Le ministre Amadou Ba exprime sa ”vive indignation” suite à la destruction d’une mosaïque murale à Thiès
Le ministre Amadou Ba exprime sa ”vive indignation” suite à la destruction d’une mosaïque murale à Thiès

SENEGAL-CULTURE

Dakar, 6 janv (APS) – Le ministre de la Culture, de l’Artisanat et du Tourisme a exprimé, mardi, sa ”vive indignation” et annoncé avoir saisi le maire Babacar Diop pour des explications suite à la destruction d’une œuvre d’art en mosaïque de l’artiste peintre sénégalais Papa Ibra Tall (1935-2015), à la Place de France, à Thiès.

”J’exprime ma vive indignation face à cet acte, qui porte atteinte à l’intégrité du patrimoine artistique et à l’héritage laissé par l’un des plus illustres créateurs sénégalais’’, a déploré Amadou Ba dans un communiqué rendu public mardi.

Pour faire la lumière sur cette affaire, le ministre a annoncé la saisie officielle du maire de la ville de Thiès, afin de solliciter toutes les informations utiles sur les motifs, les conditions et le cadre décisionnel ayant conduit à la destruction de ladite œuvre.
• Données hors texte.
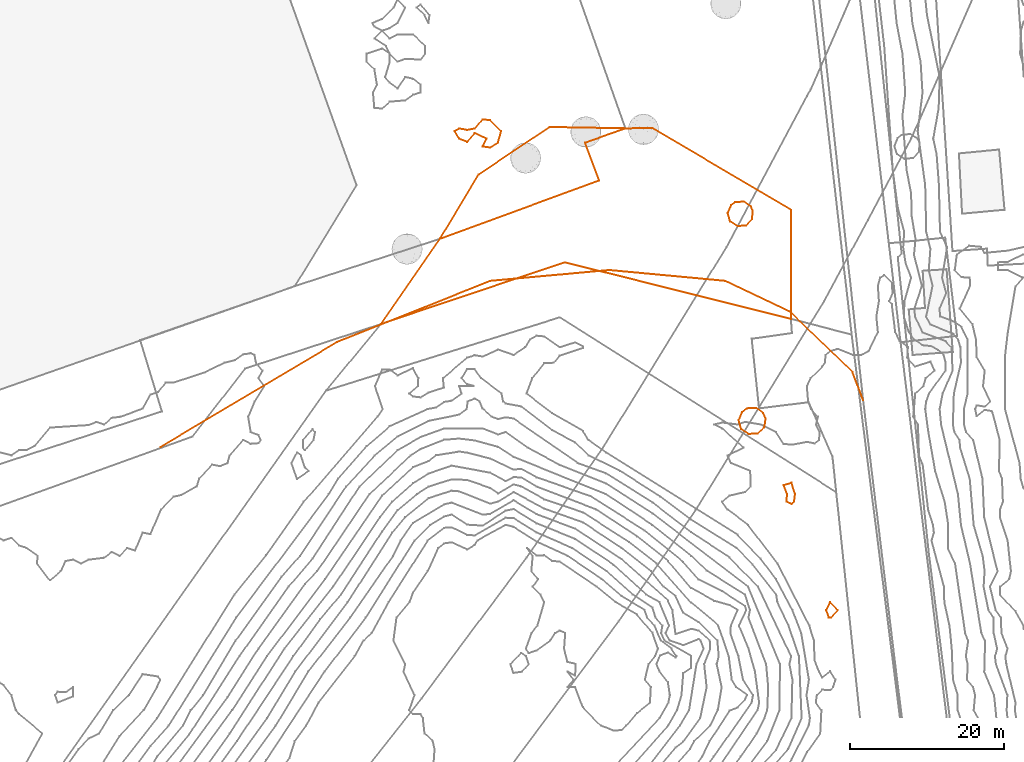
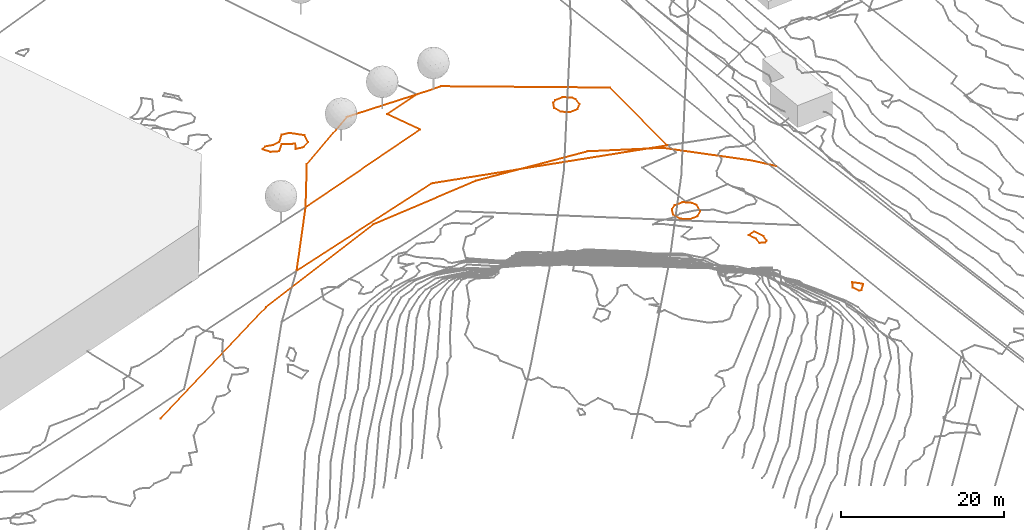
# Not in any storey, part 293 of 419: 8 proxies.
"""IFC2X3 model written with IfcOpenShell, lengths in metres."""

import ifcopenshell
import ifcopenshell.guid

model = None  # the IFC model being written
_history = None  # IfcOwnerHistory: only IFC2X3 demands one
_inside = {}  # id of a spatial element -> (the spatial element, [elements in it])
_under = {}  # id of a project, library or spatial element -> (it, [spatial elements below it])
_declared = {}  # id of a project -> (the project, [libraries it declares])
_typed = {}  # id of a type object -> (the type object, [elements of that type])
_made_of = {}  # id of a material, layer set ... -> (it, [elements and type objects made of it])


def new_model(schema):
    """Start an empty IFC model of exactly this schema.

    Asked for "IFC4X3", IfcOpenShell would pick the latest addendum, in which some entities
    have other attributes; the version numbers below select the first issue.
    IFC2X3 requires an IfcOwnerHistory on every rooted entity: one is made here for all.
    """
    global model, _history
    if schema == "IFC4X3":
        model = ifcopenshell.file(schema_version=(4, 3, 0, 0))
    else:
        model = ifcopenshell.file(schema=schema)
    _inside.clear()
    _under.clear()
    _declared.clear()
    _typed.clear()
    _made_of.clear()
    _history = None
    if model.schema == "IFC2X3":
        org = make("IfcOrganization", Name="unknown")
        user = make(
            "IfcPersonAndOrganization",
            ThePerson=make("IfcPerson", FamilyName="unknown"),
            TheOrganization=org,
        )
        app = make(
            "IfcApplication",
            ApplicationDeveloper=org,
            Version="unknown",
            ApplicationFullName="unknown",
            ApplicationIdentifier="unknown",
        )
        _history = make(
            "IfcOwnerHistory",
            OwningUser=user,
            OwningApplication=app,
            ChangeAction="ADDED",
            CreationDate=0,
        )
    return model


def make(cls, **values):
    """One entity of the class cls with the attributes given. An attribute that is None is left unset."""
    return model.create_entity(
        cls, **{name: value for name, value in values.items() if value is not None}
    )


def entity(cls, *values):
    """Any entity or typed value of the class cls, its attributes in the order of the schema. None: left unset."""
    e = model.create_entity(cls)
    for i, value in enumerate(values):
        if value is not None:
            e[i] = value
    return e


def rooted(cls, **values):
    """An entity with a GlobalId (a new one), such as an element, a storey or a relation."""
    return make(cls, GlobalId=ifcopenshell.guid.new(), OwnerHistory=_history, **values)


def si_unit(unit_type, name, prefix=None):
    """IfcSIUnit, for example si_unit("LENGTHUNIT", "METRE", prefix="MILLI")."""
    return make("IfcSIUnit", UnitType=unit_type, Prefix=prefix, Name=name)


def assignment(units):
    """IfcUnitAssignment: the units of a project."""
    return None if units is None else make("IfcUnitAssignment", Units=units)


def point(xyz):
    """IfcCartesianPoint."""
    return None if xyz is None else make("IfcCartesianPoint", Coordinates=xyz)


def direction(xyz):
    """IfcDirection."""
    return None if xyz is None else make("IfcDirection", DirectionRatios=xyz)


def frame(location, z_axis=None, x_axis=None):
    """IfcAxis2Placement3D, a coordinate frame: its origin and axes. An axis left out is left unset."""
    return make(
        "IfcAxis2Placement3D",
        Location=point(location),
        Axis=direction(z_axis),
        RefDirection=direction(x_axis),
    )


def origin_with_axes():
    """The frame at (0, 0, 0) with the z axis (0, 0, 1) and the x axis (1, 0, 0) written out."""
    return frame((0.0, 0.0, 0.0), z_axis=(0.0, 0.0, 1.0), x_axis=(1.0, 0.0, 0.0))


def place(relative_to, where):
    """IfcLocalPlacement: puts the frame where relative to a parent placement (None: the world)."""
    return make(
        "IfcLocalPlacement", PlacementRelTo=relative_to, RelativePlacement=where
    )


def context(
    kind, dimensions, precision=None, world=None, true_north=None, identifier=None
):
    """IfcGeometricRepresentationContext, for example the 3D "Model" context."""
    return make(
        "IfcGeometricRepresentationContext",
        ContextIdentifier=identifier,
        ContextType=kind,
        CoordinateSpaceDimension=dimensions,
        Precision=precision,
        WorldCoordinateSystem=world,
        TrueNorth=true_north,
    )


def subcontext(parent, identifier, kind, view, scale=None):
    """IfcGeometricRepresentationSubContext, for example "Body" below "Model"."""
    return make(
        "IfcGeometricRepresentationSubContext",
        ContextIdentifier=identifier,
        ContextType=kind,
        ParentContext=parent,
        TargetScale=scale,
        TargetView=view,
    )


def project(units=None, contexts=None):
    """IfcProject with its units and contexts."""
    return rooted(
        "IfcProject",
        Name="project",
        RepresentationContexts=contexts,
        UnitsInContext=assignment(units),
    )


def shape(context_of_items, identifier, shape_type, items):
    """IfcShapeRepresentation: the items that make up one representation, for example the "Body"."""
    return make(
        "IfcShapeRepresentation",
        ContextOfItems=context_of_items,
        RepresentationIdentifier=identifier,
        RepresentationType=shape_type,
        Items=items,
    )


def made_of(thing, what):
    """Note that an element or type object is made of a material, layer set ...; save() writes the relation."""
    if what is not None:
        _made_of.setdefault(what.id(), (what, []))[1].append(thing)
    return thing


def element(
    cls,
    number,
    at=None,
    inside=None,
    cuts=None,
    type_object=None,
    material=None,
    context=None,
    identifier="Body",
    shape_type=None,
    held_by="IfcProductDefinitionShape",
    body=None,
    shapes=None,
    **own,
):
    """One element of the class cls, such as IfcWall. Its Tag is "e" and its number.

    at: its placement. inside: the storey or other place that contains it. cuts: it is an
    opening in that element (IfcRelVoidsElement). A single representation is given by context,
    identifier, shape_type and body (its items); several are given by shapes. held_by: the class
    of the entity that holds the representations. save() writes the other relations.
    """
    e = rooted(cls, Tag="e%d" % number, ObjectPlacement=at, **own)
    if body is not None:
        shapes = [shape(context, identifier, shape_type, body)]
    if shapes is not None:
        e.Representation = make(held_by, Representations=shapes)
    if inside is not None:
        _inside.setdefault(inside.id(), (inside, []))[1].append(e)
    if cuts is not None:
        rooted(
            "IfcRelVoidsElement", RelatingBuildingElement=cuts, RelatedOpeningElement=e
        )
    if type_object is not None:
        _typed.setdefault(type_object.id(), (type_object, []))[1].append(e)
    return made_of(e, material)


def aggregate(whole, parts):
    """IfcRelAggregates: a whole, such as a stair, and the parts it consists of."""
    return rooted("IfcRelAggregates", RelatingObject=whole, RelatedObjects=parts)


def save(model, path):
    """Write the relations noted so far, then the file.

    IfcRelAggregates (storeys below a building ...), IfcRelContainedInSpatialStructure (elements
    in a storey), IfcRelDefinesByType, IfcRelAssociatesMaterial and IfcRelDeclares: one each for
    every whole, place, type object, material and project.
    """
    for whole, parts in _under.values():
        aggregate(whole, parts)
    for where, things in _inside.values():
        rooted(
            "IfcRelContainedInSpatialStructure",
            RelatedElements=things,
            RelatingStructure=where,
        )
    for kind, things in _typed.values():
        rooted("IfcRelDefinesByType", RelatedObjects=things, RelatingType=kind)
    for what, things in _made_of.values():
        rooted("IfcRelAssociatesMaterial", RelatedObjects=things, RelatingMaterial=what)
    for by, libraries in _declared.values():
        rooted("IfcRelDeclares", RelatingContext=by, RelatedDefinitions=libraries)
    model.write(path)


model = new_model("IFC2X3")

# Units and contexts
model_context = context("Model", 3, precision=1e-05, world=origin_with_axes())
body_context = subcontext(model_context, "Body", "Model", "MODEL_VIEW")
ifc_project = project(units=[si_unit("AREAUNIT", "SQUARE_METRE"), si_unit("LENGTHUNIT", "METRE")], contexts=[model_context])

# Proxies
proxy_1_placement = place(None, frame((38.3920204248, 820.9976909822, 18.7), z_axis=(0.0, 0.0, 1.0), x_axis=(1.0, 0.0, 0.0)))
element("IfcBuildingElementProxy", 1, at=proxy_1_placement, Name="Route 27", ObjectType="NOTDEFINED", context=body_context, shape_type="GeometricCurveSet", body=[
    entity("IfcGeometricCurveSet", [entity("IfcPolyline", [entity("IfcCartesianPoint", [91.0, 6.0, 2.4]), entity("IfcCartesianPoint", [89.6, 9.7000000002, 1.5]), entity("IfcCartesianPoint", [81.5, 17.5, 1.5]), entity("IfcCartesianPoint", [73.1, 21.5, 1.5]), entity("IfcCartesianPoint", [58.1, 22.9000000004, 1.5]), entity("IfcCartesianPoint", [42.7, 21.5, 1.2]), entity("IfcCartesianPoint", [22.8999999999, 13.6000000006, 0.5]), entity("IfcCartesianPoint", [0.0, 0.0, 0.0])])]),
])
proxy_2_placement = place(None, frame((111.8420204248, 851.2876909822, 21.2603002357), z_axis=(0.0, 0.0, 1.0), x_axis=(1.0, 0.0, 0.0)))
element("IfcBuildingElementProxy", 2, at=proxy_2_placement, Name="Cadastre 298", ObjectType="NOTDEFINED", context=body_context, shape_type="GeometricCurveSet", body=[
    entity("IfcGeometricCurveSet", [entity("IfcPolyline", [entity("IfcCartesianPoint", [3.24, 0.3300000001, -0.0230005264]), entity("IfcCartesianPoint", [3.15, -0.7899999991, -0.0117002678]), entity("IfcCartesianPoint", [2.37, -1.5999999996, -0.0245005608]), entity("IfcCartesianPoint", [1.25, -1.71, -0.0267006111]), entity("IfcCartesianPoint", [0.3100000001, -1.0799999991, -0.0168283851]), entity("IfcCartesianPoint", [0.0, 0.0, 0.0]), entity("IfcCartesianPoint", [0.4500000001, 1.04, 0.0029800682]), entity("IfcCartesianPoint", [0.9500000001, 1.3900000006, 0.0019400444]), entity("IfcCartesianPoint", [2.0700000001, 1.4900000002, -0.0022840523]), entity("IfcCartesianPoint", [3.0, 0.8400000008, -0.0155003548]), entity("IfcCartesianPoint", [3.24, 0.3300000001, -0.0230005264])])]),
])
proxy_3_placement = place(None, frame((66.9320204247, 836.9076909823, 21.25), z_axis=(0.0, 0.0, 1.0), x_axis=(1.0, 0.0, 0.0)))
element("IfcBuildingElementProxy", 3, at=proxy_3_placement, Name="Cadastre 300", ObjectType="NOTDEFINED", context=body_context, shape_type="GeometricCurveSet", body=[
    entity("IfcGeometricCurveSet", [entity("IfcPolyline", [entity("IfcCartesianPoint", [0.0, 0.0, 0.0]), entity("IfcCartesianPoint", [7.65, 11.04, 0.1708548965]), entity("IfcCartesianPoint", [28.28, 18.5900000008, 0.0516192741]), entity("IfcCartesianPoint", [26.4300000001, 23.4800000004, 0.040200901]), entity("IfcCartesianPoint", [31.6900000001, 25.3400000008, 0.0229555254]), entity("IfcCartesianPoint", [35.1800000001, 25.3500000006, 0.0260725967]), entity("IfcCartesianPoint", [53.1000000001, 14.79, -0.0430803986]), entity("IfcCartesianPoint", [53.1000000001, 0.6600000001, -0.1500436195]), entity("IfcCartesianPoint", [23.78, 7.9900000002, -0.0429999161]), entity("IfcCartesianPoint", [0.0, 0.0, 0.0])])]),
])
proxy_4_placement = place(None, frame((74.5820204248, 847.9476909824, 21.4208548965), z_axis=(0.0, 0.0, 1.0), x_axis=(1.0, 0.0, 0.0)))
element("IfcBuildingElementProxy", 4, at=proxy_4_placement, Name="Cadastre 301", ObjectType="NOTDEFINED", context=body_context, shape_type="GeometricCurveSet", body=[
    entity("IfcGeometricCurveSet", [entity("IfcPolyline", [entity("IfcCartesianPoint", [24.04, 14.3000000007, -0.1478993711]), entity("IfcCartesianPoint", [18.78, 12.4400000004, -0.1306539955]), entity("IfcCartesianPoint", [20.63, 7.5500000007, -0.1192356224]), entity("IfcCartesianPoint", [0.0, 0.0, 0.0]), entity("IfcCartesianPoint", [4.98, 8.3200000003, -0.2985322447]), entity("IfcCartesianPoint", [14.2100000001, 14.4700000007, -0.1930154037]), entity("IfcCartesianPoint", [24.04, 14.3000000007, -0.1478993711])])]),
])
proxy_5_placement = place(None, frame((113.2520204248, 824.4476909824, 20.9948998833), z_axis=(0.0, 0.0, 1.0), x_axis=(1.0, 0.0, 0.0)))
element("IfcBuildingElementProxy", 5, at=proxy_5_placement, Name="Cadastre 393", ObjectType="NOTDEFINED", context=body_context, shape_type="GeometricCurveSet", body=[
    entity("IfcGeometricCurveSet", [entity("IfcPolyline", [entity("IfcCartesianPoint", [3.5, 0.2400000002, 0.0625008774]), entity("IfcCartesianPoint", [3.3199999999, -0.9100000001, -0.0324111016]), entity("IfcCartesianPoint", [2.46, -1.6899999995, -0.0569313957]), entity("IfcCartesianPoint", [1.2999999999, -1.7699999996, -0.0486117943]), entity("IfcCartesianPoint", [0.33, -1.1299999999, -0.0257685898]), entity("IfcCartesianPoint", [0.0, 0.0, 0.0]), entity("IfcCartesianPoint", [0.4399999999, 1.0800000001, 0.0405404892]), entity("IfcCartesianPoint", [1.1, 1.5500000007, 0.1003797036]), entity("IfcCartesianPoint", [2.26, 1.6100000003, 0.126755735]), entity("IfcCartesianPoint", [3.2, 0.9300000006, 0.1024164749]), entity("IfcCartesianPoint", [3.5, 0.2400000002, 0.0625008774])])]),
])
proxy_6_placement = place(None, frame((76.4920204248, 861.8976909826, 21.0), z_axis=(0.0, 0.0, 1.0), x_axis=(1.0, 0.0, 0.0)))
element("IfcBuildingElementProxy", 6, at=proxy_6_placement, Name="Contour 21.0 m", ObjectType="NOTDEFINED", context=body_context, shape_type="GeometricCurveSet", body=[
    entity("IfcGeometricCurveSet", [entity("IfcPolyline", [entity("IfcCartesianPoint", [4.6, -2.1428610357, 0.0]), entity("IfcCartesianPoint", [5.6, -1.4999500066, 0.0]), entity("IfcCartesianPoint", [6.0, 0.0, 0.0]), entity("IfcCartesianPoint", [4.6, 1.4000000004, 0.0]), entity("IfcCartesianPoint", [3.6, 1.4999500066, 0.0]), entity("IfcCartesianPoint", [2.6, 0.333333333, 0.0]), entity("IfcCartesianPoint", [1.6, 0.1428610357, 0.0]), entity("IfcCartesianPoint", [0.6, 0.333340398, 0.0]), entity("IfcCartesianPoint", [0.0, 0.0, 0.0]), entity("IfcCartesianPoint", [0.6, -0.9999666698, 0.0]), entity("IfcCartesianPoint", [1.6, -1.4000000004, 0.0]), entity("IfcCartesianPoint", [2.6, -0.25, 0.0]), entity("IfcCartesianPoint", [4.1000499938, -1.0, 0.0]), entity("IfcCartesianPoint", [3.6000999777, -2.0, 0.0]), entity("IfcCartesianPoint", [4.6, -2.1428610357, 0.0])])]),
])
proxy_7_placement = place(None, frame((119.0920204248, 816.0405520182, 21.0), z_axis=(0.0, 0.0, 1.0), x_axis=(1.0, 0.0, 0.0)))
element("IfcBuildingElementProxy", 7, at=proxy_7_placement, Name="Contour 21.0 m", ObjectType="NOTDEFINED", context=body_context, shape_type="GeometricCurveSet", body=[
    entity("IfcGeometricCurveSet", [entity("IfcPolyline", [entity("IfcCartesianPoint", [1.3333333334, -2.1428610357, 0.0]), entity("IfcCartesianPoint", [1.0, -2.4228598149, 0.0]), entity("IfcCartesianPoint", [0.3636426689, -2.1428610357, 0.0]), entity("IfcCartesianPoint", [0.4285701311, -1.1428610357, 0.0]), entity("IfcCartesianPoint", [0.0, 0.0, 0.0]), entity("IfcCartesianPoint", [1.0, 0.3186762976, 0.0]), entity("IfcCartesianPoint", [1.4615412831, -1.1428610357, 0.0]), entity("IfcCartesianPoint", [1.3333333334, -2.1428610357, 0.0])])]),
])
proxy_8_placement = place(None, frame((124.608149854, 799.8976909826, 21.0), z_axis=(0.0, 0.0, 1.0), x_axis=(1.0, 0.0, 0.0)))
element("IfcBuildingElementProxy", 8, at=proxy_8_placement, Name="Contour 21.0 m", ObjectType="NOTDEFINED", context=body_context, shape_type="GeometricCurveSet", body=[
    entity("IfcGeometricCurveSet", [entity("IfcPolyline", [entity("IfcCartesianPoint", [0.6417684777, -1.0, 0.0]), entity("IfcCartesianPoint", [0.3259726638, -1.0, 0.0]), entity("IfcCartesianPoint", [0.0, 0.0, 0.0]), entity("IfcCartesianPoint", [0.4838705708, 1.0000032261, 0.0]), entity("IfcCartesianPoint", [1.4838721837, 0.0, 0.0]), entity("IfcCartesianPoint", [0.6417684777, -1.0, 0.0])])]),
])

save(model, "model.ifc")

La mosaïque en question, réalisée par le grand Maître Papa Ibra Tall, une figure emblématique et pionnier de l’art moderne sénégalais, constitue un élément majeur du patrimoine artistique national et un témoignage précieux de la mémoire culturelle de notre pays, a souligné Amadou Ba dans le texte.

Il a rappelé dans le même temps que toute intervention affectant une œuvre d’art ou un bien culturel, notamment dans l’espace public, doit impérativement se faire dans le respect des textes en vigueur et en concertation avec les services compétents de l’État.

‘’La préservation des œuvres d’art dans l’espace public relève d’une responsabilité collective, en particulier des autorités publiques, et s’inscrit dans les principes de sauvegarde, de transmission et de valorisation de notre patrimoine culturel’’, a-t-il réitéré. 

Papa Ibra Tall était un artiste influent dans la politique culturelle du Sénégal, à l’époque du président Léopold Senghor et a contribué à la mise en œuvre de l’école de Dakar, un mouvement artistique et philosophique conçu après la décolonisation.

Ayant étudié en France et séjourné aux Etats-Unis, où il a rencontré le musicien de jazz John Coltrane et l’activiste Malcolm X, l’artiste touche-à-tout est beaucoup mieux connu dans le milieu de la tapisserie, notamment à travers la manufacture nationale créée par le premier président sénégalais en 1966. Ses œuvres décorent des lieux emblématiques au Sénégal et ailleurs, comme le palais de la République, le siège de l’Organisation des Nations unies, entre autres sites.

Dans son communiqué, le ministre de la Culture, de l’Artisanat et du Tourisme a réaffirmé ”l’engagement constant du gouvernement du Sénégal à protéger les artistes, à sauvegarder les œuvres majeures de la création nationale et à promouvoir une gouvernance culturelle respectueuse de notre histoire, de nos valeurs et de notre identité”.